- What is needed
For the word "zscale", give the number of lines in these entries that contain it, with nothing else.

- Task data
◆ ◆ ◆
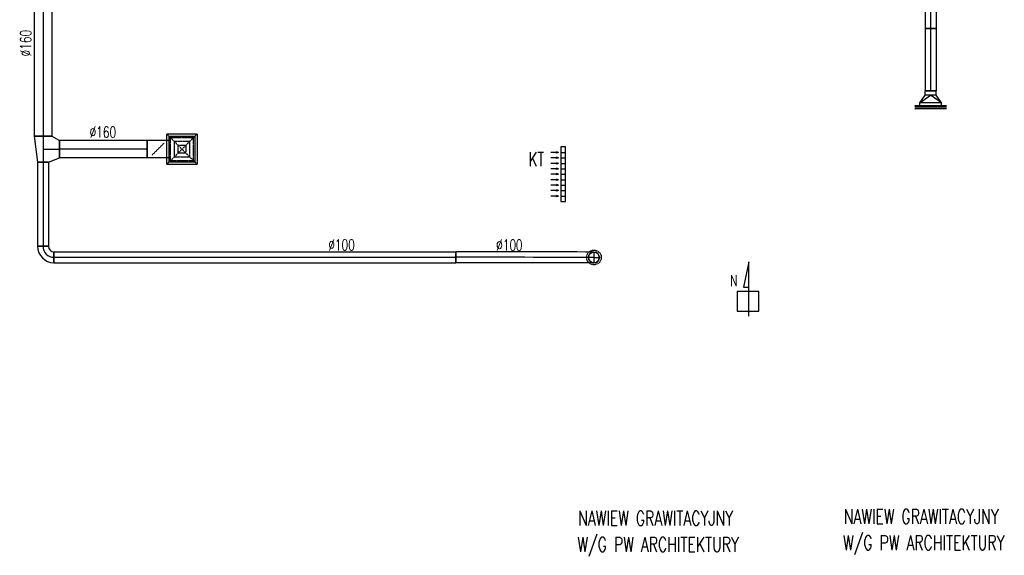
# Model space of a CAD drawing. Extents: x -7228 to 74941, y -112898 to 85621.
# Tile 142 of 256: x 19174 to 20077, y -10898 to -10407. Entities that reach past the tile are written whole.
import ezdxf

# ---------------------------------------------------------------- set-up
doc = ezdxf.new("R2010")
doc.units = 0
doc.linetypes.add('DASHED', pattern=[0.75, 0.5, -0.25])
doc.layers.get('0').update_dxf_attribs({"color": 101, "linetype": 'CONTINUOUS'})
for name, color, linetype in [('E35', 6, 'CONTINUOUS'), ('FLUID-W15A', 7, 'CONTINUOUS'), ('FLUID-W15A-SYM', 7, 'CONTINUOUS'), ('FLUID-W15B', 7, 'CONTINUOUS'), ('FLUID-W15B-SYM', 7, 'CONTINUOUS'), ('m-went-odnośniki', 255, 'CONTINUOUS'), ('m-went-opis', 86, 'CONTINUOUS'), ('m-went-urządzenia', 51, 'CONTINUOUS')]:
    doc.layers.add(name, color=color, linetype=linetype)
doc.styles.add('tab-bud$0$ROMANS', font='romans', dxfattribs={"width": 0.7})
doc.linetypes.add('ZIGZAG', pattern='A,0.00254,-5.08,[131,ltypeshp.shx,S=5.08,R=0,X=-5.08,Y=0],-10.16,[131,ltypeshp.shx,S=5.08,R=180,X=5.08,Y=0],-5.08', length=20.32254)

# ---------------------------------------------------------------- blocks, each defined once
blk = doc.blocks.new('*U6197')
at = {"color": 4, "linetype": 'Continuous'}
for p, q in [((-138.5, 138.5), (138.5, 138.5)), ((-138.5, 138.5), (-138.5, -138.5)), ((138.5, -138.5), (138.5, 138.5)), ((138.5, -138.5), (-138.5, -138.5))]:
    blk.add_line(p, q, dxfattribs=at)
at = {"color": 4, "linetype": 'DASHED'}
for p, q in [((-138.5, 138.5), (0, 0)), ((-103.9, 103.9), (103.9, 103.9)), ((-103.9, 103.9), (-103.9, -103.9)), ((138.5, 138.5), (0, 0)), ((103.9, -103.9), (103.9, 103.9)), ((-138.5, -138.5), (0, 0)), ((-69.2, 69.2), (69.2, 69.2)), ((-69.2, 69.2), (-69.2, -69.2)), ((-34.6, 34.6), (34.6, 34.6)), ((-34.6, 34.6), (-34.6, -34.6)), ((138.5, -138.5), (0, 0)), ((34.6, -34.6), (34.6, 34.6)), ((69.2, -69.2), (69.2, 69.2)), ((69.2, -69.2), (-69.2, -69.2)), ((34.6, -34.6), (-34.6, -34.6)), ((103.9, -103.9), (-103.9, -103.9)), ((0, -219), (-56.6, -162.4)), ((0, -219), (56.6, -275.6))]:
    blk.add_line(p, q, dxfattribs=at)
at = {"color": 0, "linetype": 'ByBlock', "lineweight": -2}
for p, q in [((-120, -120), (-120, 120)), ((120, 120), (-120, 120)), ((120, 120), (120, -120)), ((-120, -120), (120, -120)), ((-80, -120), (-80, -318)), ((80, -120), (80, -318))]:
    blk.add_line(p, q, dxfattribs=at)
at = {"color": 1, "linetype": 'Continuous', "lineweight": -2}
blk.add_line((80, -318), (-80, -318), dxfattribs=at)
at = {"color": 4, "linetype": 'Continuous'}
blk.add_lwpolyline([(-2.5, -219, 5, 5, 1), (2.5, -219, 5, 5, 1)], format="xyseb", close=True, dxfattribs=at)
blk = doc.blocks.new('*U6165')
at = {"color": 1, "linetype": 'Continuous', "lineweight": -2}
for p, q in [((-862.5, -80), (-862.5, 80)), ((862.5, 80), (862.5, -80))]:
    blk.add_line(p, q, dxfattribs=at)
at = {"color": 0, "linetype": 'ByBlock', "lineweight": -2}
for p, q in [((-862.5, 80), (862.5, 80)), ((-862.5, -80), (862.5, -80))]:
    blk.add_line(p, q, dxfattribs=at)
at = {"layer": 'FLUID-W15A-SYM', "color": 2, "linetype": 'Continuous'}
blk.add_line((-862.5, 0), (862.5, 0), dxfattribs=at)
blk = doc.blocks.new('*U6166')
at = {"color": 0, "linetype": 'ByBlock', "lineweight": -2}
for p, q in [((-120, 80), (-80, 150)), ((120, 50), (80, 150)), ((-120, -80), (120, -50))]:
    blk.add_line(p, q, dxfattribs=at)
at = {"color": 1, "linetype": 'Continuous', "lineweight": -2}
for p, q in [((-80, 150), (80, 150)), ((-120, -80), (-120, 80)), ((120, 50), (120, -50))]:
    blk.add_line(p, q, dxfattribs=at)
at = {"layer": 'FLUID-W15A-SYM', "color": 2, "linetype": 'Continuous'}
for p, q in [((0, 0), (0, 150)), ((-120, 0), (120, 0))]:
    blk.add_line(p, q, dxfattribs=at)
blk = doc.blocks.new('*U6167')
at = {"color": 1, "linetype": 'Continuous', "lineweight": -2}
for p, q in [((0, -80), (0, 80)), ((806, 80), (806, -80))]:
    blk.add_line(p, q, dxfattribs=at)
at = {"color": 1, "linetype": 'ZIGZAG', "lineweight": -2, "ltscale": 0.4}
for points in [[(806, 80), (0, 80)], [(806, -80), (0, -80)]]:
    blk.add_spline(points, degree=3, dxfattribs=at)
at = {"layer": 'FLUID-W15A-SYM', "color": 2, "linetype": 'Continuous', "start_tangent": (-1, 0), "end_tangent": (-1, 0)}
blk.add_spline([(806, 0), (0, 0)], degree=3, dxfattribs=at)
blk = doc.blocks.new('*U6168')
at = {"color": 1, "linetype": 'Continuous', "lineweight": -2}
for p, q in [((-385.5, -50), (-385.5, 50)), ((385.5, 50), (385.5, -50))]:
    blk.add_line(p, q, dxfattribs=at)
at = {"color": 0, "linetype": 'ByBlock', "lineweight": -2}
for p, q in [((-385.5, 50), (385.5, 50)), ((-385.5, -50), (385.5, -50))]:
    blk.add_line(p, q, dxfattribs=at)
at = {"layer": 'FLUID-W15A-SYM', "color": 2, "linetype": 'Continuous'}
blk.add_line((-385.5, 0), (385.5, 0), dxfattribs=at)
blk = doc.blocks.new('*U6169')
at = {"color": 1, "linetype": 'Continuous', "lineweight": -2}
for p, q in [((-75, -25), (-75, 75)), ((75, -75), (-25, -75))]:
    blk.add_line(p, q, dxfattribs=at)
at = {"color": 0, "linetype": 'ByBlock', "lineweight": -2}
for radius in [150, 50]:
    blk.add_arc((-75, -75), radius, 0, 90, dxfattribs=at)
at = {"layer": 'FLUID-W15A-SYM', "color": 2, "linetype": 'Continuous'}
blk.add_arc((-75, -75), 100, 0, 90, dxfattribs=at)
blk = doc.blocks.new('*U6170')
at = {"color": 1, "linetype": 'Continuous', "lineweight": -2}
for p, q in [((-1842.5, -50), (-1842.5, 50)), ((1842.5, 50), (1842.5, -50))]:
    blk.add_line(p, q, dxfattribs=at)
at = {"color": 0, "linetype": 'ByBlock', "lineweight": -2}
for p, q in [((-1842.5, 50), (1842.5, 50)), ((-1842.5, -50), (1842.5, -50))]:
    blk.add_line(p, q, dxfattribs=at)
at = {"layer": 'FLUID-W15A-SYM', "color": 2, "linetype": 'Continuous'}
blk.add_line((-1842.5, 0), (1842.5, 0), dxfattribs=at)
blk = doc.blocks.new('*U6171')
at = {"color": 4, "linetype": 'DASHED'}
blk.add_circle((0, 0), 67.5, dxfattribs=at)
at = {"color": 0, "linetype": 'ByBlock', "lineweight": -2}
blk.add_circle((0, 0), 50, dxfattribs=at)
blk = doc.blocks.new('*U6172')
at = {"color": 1, "linetype": 'Continuous', "lineweight": -2}
blk.add_line((0, -50), (0, 50), dxfattribs=at)
at = {"color": 4, "linetype": 'DASHED', "lineweight": -2}
blk.add_arc((1265.6, -2.3), 50, 89.89809, 269.89809, dxfattribs=at)
at = {"color": 0, "lineweight": -2}
blk.add_arc((1265.6, -2.3), 50, 269.89809, 89.89809, dxfattribs=at)
at = {"color": 1, "linetype": 'ZIGZAG', "lineweight": -2, "ltscale": 0.4}
for points in [[(1265.7, 47.7), (0, 50)], [(1265.5, -52.3), (0, -50)]]:
    blk.add_spline(points, degree=3, dxfattribs=at)
at = {"layer": 'FLUID-W15A-SYM', "color": 2, "linetype": 'Continuous'}
for p, q in [((1265.7, 47.7), (1265.5, -52.3)), ((1265.6, -2.3), (1315.6, -2.3))]:
    blk.add_line(p, q, dxfattribs=at)
at = {"layer": 'FLUID-W15A-SYM', "color": 2, "linetype": 'Continuous', "start_tangent": (-0.999998, 0.001779), "end_tangent": (-1, 0)}
blk.add_spline([(1265.6, -2.3), (0, 0)], degree=3, dxfattribs=at)
blk = doc.blocks.new('*U6199')
at = {"color": 0, "linetype": 'ByBlock', "lineweight": -2}
for p, q in [((40, 100), (-30, 50)), ((70, 100), (40, 100)), ((-30, 50), (-70, 50)), ((-30, -50), (-70, -50)), ((40, -100), (-30, -50)), ((70, -100), (40, -100))]:
    blk.add_line(p, q, dxfattribs=at)
at = {"color": 4, "linetype": 'Continuous'}
for p, q in [((40, 100), (-30, 0)), ((40, 100), (40, -100)), ((-30, 50), (-30, -50)), ((40, -100), (-30, 0))]:
    blk.add_line(p, q, dxfattribs=at)
at = {"color": 1, "linetype": 'Continuous', "lineweight": -2}
for p, q in [((70, 145), (70, -145)), ((-70, -50), (-70, 50))]:
    blk.add_line(p, q, dxfattribs=at)
blk = doc.blocks.new('*U6016')
at = {"color": 4, "linetype": 'Continuous'}
blk.add_line((-145, 25), (145, 25), dxfattribs=at)
at = {"color": 0, "linetype": 'ByBlock', "lineweight": -2}
for p, q in [((-145, 10), (145, 10)), ((-100, 0), (-100, 10)), ((100, 0), (100, 10))]:
    blk.add_line(p, q, dxfattribs=at)
blk = doc.blocks.new('*U6200')
at = {"color": 1, "linetype": 'Continuous', "lineweight": -2}
for p, q in [((-1104.5, -50), (-1104.5, 50)), ((1104.5, 50), (1104.5, -50))]:
    blk.add_line(p, q, dxfattribs=at)
at = {"color": 0, "linetype": 'ByBlock', "lineweight": -2}
for p, q in [((-1104.5, 50), (1104.5, 50)), ((-1104.5, -50), (1104.5, -50))]:
    blk.add_line(p, q, dxfattribs=at)
at = {"layer": 'FLUID-W15B-SYM', "color": 2, "linetype": 'Continuous'}
blk.add_line((-1104.5, 0), (1104.5, 0), dxfattribs=at)
blk = doc.blocks.new('*U6201')
at = {"color": 1, "linetype": 'Continuous', "lineweight": -2}
for p, q in [((-50, 571.4), (50, 571.4)), ((50, 0), (-50, 0))]:
    blk.add_line(p, q, dxfattribs=at)
at = {"color": 1, "linetype": 'ZIGZAG', "lineweight": -2, "ltscale": 0.4}
for points in [[(-50, 571.4), (-50, 0)], [(50, 571.4), (50, 0)]]:
    blk.add_spline(points, degree=3, dxfattribs=at)
at = {"layer": 'FLUID-W15B-SYM', "color": 2, "linetype": 'Continuous', "start_tangent": (0, -1), "end_tangent": (0, -1)}
blk.add_spline([(0, 571.4), (0, 0)], degree=3, dxfattribs=at)
blk = doc.blocks.new('KT')
at = {"layer": 'm-went-urządzenia'}
for points in [[(55475.1, 10960.33), (55475.71, 10962.01), (55474.49, 10962.01)], [(55480.1, 10960.33), (55480.71, 10962.01), (55479.49, 10962.01)], [(55485.1, 10960.33), (55485.71, 10962.01), (55484.49, 10962.01)], [(55490.1, 10960.33), (55490.71, 10962.01), (55489.49, 10962.01)], [(55495.1, 10960.33), (55495.71, 10962.01), (55494.49, 10962.01)], [(55500.1, 10960.33), (55500.71, 10962.01), (55499.49, 10962.01)], [(55505.1, 10960.33), (55505.71, 10962.01), (55504.49, 10962.01)], [(55510.1, 10960.33), (55510.71, 10962.01), (55509.49, 10962.01)], [(55515.1, 10960.33), (55515.71, 10962.01), (55514.49, 10962.01)]]:
    blk.add_hatch(color=7, dxfattribs=at).paths.add_polyline_path(points)
at = {"layer": 'm-went-urządzenia', "color": 7}
for p, q in [((55475.1, 10960.33, 0), (55475.1, 10967.21, 0)), ((55480.1, 10960.33, 0), (55480.1, 10967.21, 0)), ((55485.1, 10960.33, 0), (55485.1, 10967.21, 0)), ((55490.1, 10960.33, 0), (55490.1, 10967.21, 0)), ((55495.1, 10960.33, 0), (55495.1, 10967.21, 0)), ((55500.1, 10960.33, 0), (55500.1, 10967.21, 0)), ((55505.1, 10960.33, 0), (55505.1, 10967.21, 0)), ((55510.1, 10960.33, 0), (55510.1, 10967.21, 0)), ((55515.1, 10960.33, 0), (55515.1, 10967.21, 0)), ((55475.1, 10960.33, 0), (55474.49, 10962.01, 0)), ((55474.49, 10962.01, 0), (55475.71, 10962.01, 0)), ((55475.09, 10958.31, 0), (55475.09, 10953.74, 0)), ((55475.1, 10960.33, 0), (55475.71, 10962.01, 0)), ((55480.1, 10960.33, 0), (55479.49, 10962.01, 0)), ((55479.49, 10962.01, 0), (55480.71, 10962.01, 0)), ((55480.09, 10958.31, 0), (55480.09, 10953.74, 0)), ((55480.1, 10960.33, 0), (55480.71, 10962.01, 0)), ((55485.1, 10960.33, 0), (55484.49, 10962.01, 0)), ((55484.49, 10962.01, 0), (55485.71, 10962.01, 0)), ((55485.09, 10958.31, 0), (55485.09, 10953.74, 0)), ((55485.1, 10960.33, 0), (55485.71, 10962.01, 0)), ((55490.1, 10960.33, 0), (55489.49, 10962.01, 0)), ((55489.49, 10962.01, 0), (55490.71, 10962.01, 0)), ((55490.09, 10958.31, 0), (55490.09, 10953.74, 0)), ((55490.1, 10960.33, 0), (55490.71, 10962.01, 0)), ((55495.1, 10960.33, 0), (55494.49, 10962.01, 0)), ((55494.49, 10962.01, 0), (55495.71, 10962.01, 0)), ((55495.09, 10958.31, 0), (55495.09, 10953.74, 0)), ((55495.1, 10960.33, 0), (55495.71, 10962.01, 0)), ((55500.1, 10960.33, 0), (55499.49, 10962.01, 0)), ((55499.49, 10962.01, 0), (55500.71, 10962.01, 0)), ((55500.09, 10958.31, 0), (55500.09, 10953.74, 0)), ((55500.1, 10960.33, 0), (55500.71, 10962.01, 0)), ((55505.1, 10960.33, 0), (55504.49, 10962.01, 0)), ((55504.49, 10962.01, 0), (55505.71, 10962.01, 0)), ((55505.09, 10958.31, 0), (55505.09, 10953.74, 0)), ((55505.1, 10960.33, 0), (55505.71, 10962.01, 0)), ((55510.1, 10960.33, 0), (55509.49, 10962.01, 0)), ((55509.49, 10962.01, 0), (55510.71, 10962.01, 0)), ((55510.09, 10958.31, 0), (55510.09, 10953.74, 0)), ((55510.1, 10960.33, 0), (55510.71, 10962.01, 0)), ((55515.1, 10960.33, 0), (55514.49, 10962.01, 0)), ((55514.49, 10962.01, 0), (55515.71, 10962.01, 0)), ((55515.09, 10958.31, 0), (55515.09, 10953.74, 0)), ((55515.1, 10960.33, 0), (55515.71, 10962.01, 0))]:
    blk.add_line(p, q, dxfattribs=at)
at = {"layer": 'm-went-urządzenia', "elevation": 0}
blk.add_lwpolyline([(55470.09, 10953.74), (55520.09, 10953.74), (55520.09, 10958.31), (55470.09, 10958.31)], close=True, dxfattribs=at)
blk = doc.blocks.new('A$C5CDC0A6C')
at = {"layer": 'm-went-odnośniki'}
for p, q in [((1141.7, -4802.81), (1137.03, -4826.18)), ((1141.7, -4852.68), (1141.7, -4802.81)), ((1137.03, -4826.18), (1141.7, -4826.18)), ((1151.08, -4830), (1131.09, -4830)), ((1131.09, -4830), (1131.09, -4848)), ((1151.08, -4848), (1151.08, -4830)), ((1131.09, -4848), (1151.08, -4848))]:
    blk.add_line(p, q, dxfattribs=at)
at = {"layer": 'FLUID-W15A', "color": 1, "linetype": 'Continuous', "zscale": 0.1}
for name, p, xscale, yscale, rotation in [('*U6165', (494.75, -4601.24), 0.1, 0.1, 269.9999999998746), ('*U6166', (494.75, -4699.52), 0.1000000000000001, 0.1000000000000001, 269.9999999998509), ('*U6167', (509.75, -4699.52), 0.1, 0.1, 359.9999999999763), ('*U6197', (622.15, -4699.52), 0.1000000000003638, 0.1000000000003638, 269.9999999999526), ('*U6168', (494.75, -4750.07), 0.1, 0.1, 269.9999999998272), ('*U6169', (497.25, -4796.12), 0.1, 0.1, 179.9999999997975), ('*U6170', (689, -4798.62), 0.1, 0.1, 359.9999999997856), ('*U6172', (873.25, -4798.62), 0.1, 0.1, 359.9999999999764)]:
    blk.add_blockref(name, p, dxfattribs=dict(at, xscale=xscale, yscale=yscale, rotation=rotation))
at = {"layer": 'FLUID-W15A', "color": 1, "linetype": 'Continuous', "xscale": 0.09999999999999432, "yscale": 0.1000000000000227, "zscale": 0.1}
blk.add_blockref('*U6171', (999.81, -4798.84), dxfattribs=at)
at = {"layer": 'FLUID-W15B', "color": 1, "linetype": 'Continuous'}
for name, p, xscale, yscale, zscale, rotation in [('*U6200', (1308.4, -4478.39), 0.1, 0.1, 0.1, 269.9999999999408), ('*U6199', (1308.4, -4652.98), 0.1000000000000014, 0.1000000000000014, 0.09999999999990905, 269.9999999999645), ('*U6016', (1308.4, -4659.98), 0.1, 0.1, 0.1, 179.9999999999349)]:
    blk.add_blockref(name, p, dxfattribs=dict(at, xscale=xscale, yscale=yscale, zscale=zscale, rotation=rotation))
at = {"layer": 'FLUID-W15B', "color": 1, "linetype": 'Continuous', "xscale": 0.1, "yscale": 0.1, "zscale": 0.1}
blk.add_blockref('*U6201', (1308.4, -4645.98), dxfattribs=at)
at = {"layer": 'm-went-urządzenia', "rotation": 90}
blk.add_blockref('KT', (11927.6, -60217.65, 0), dxfattribs=at)
at = {"layer": 'm-went-opis', "style": 'tab-bud$0$ROMANS', "width": 0.7}
for s, height, rotation, p in [('%%c160', 10.109, 90, (483.94, -4614.56, 0)), ('KT', 12.78, 359.94143, (939.87, -4715.13, 0)), ('NAWIEW GRAWITACYJNY', 13.4465, 0, (985.33, -5044.72)), ('NAWIEW GRAWITACYJNY', 13.4465, 0, (1228.8, -5043.16)), ('W/G PW ARCHITEKTURY', 13.4465, 0, (984.66, -5068.62)), ('W/G PW ARCHITEKTURY', 13.4465, 0, (1228.14, -5067.05))]:
    blk.add_text(s, height=height, rotation=rotation, dxfattribs=at).set_placement(p)
for s, height, p in [('%%c160', 10.109, (537.5, -4689, 0)), ('%%c100', 10.109, (756.34, -4792.36, 0)), ('%%c100', 10.109, (910.14, -4792.53, 0)), ('N', 10.11, (1124.79, -4825.18, -2890.06))]:
    blk.add_text(s, height=height, dxfattribs=at).set_placement(p)

msp = doc.modelspace()

# ---------------------------------------------------------------- block references
at = {"layer": 'E35'}
msp.add_blockref('A$C5CDC0A6C', (18700.703, -5826.119), dxfattribs=at)

doc.saveas('drawing.dxf')
◆ ◆ ◆
- Written response
5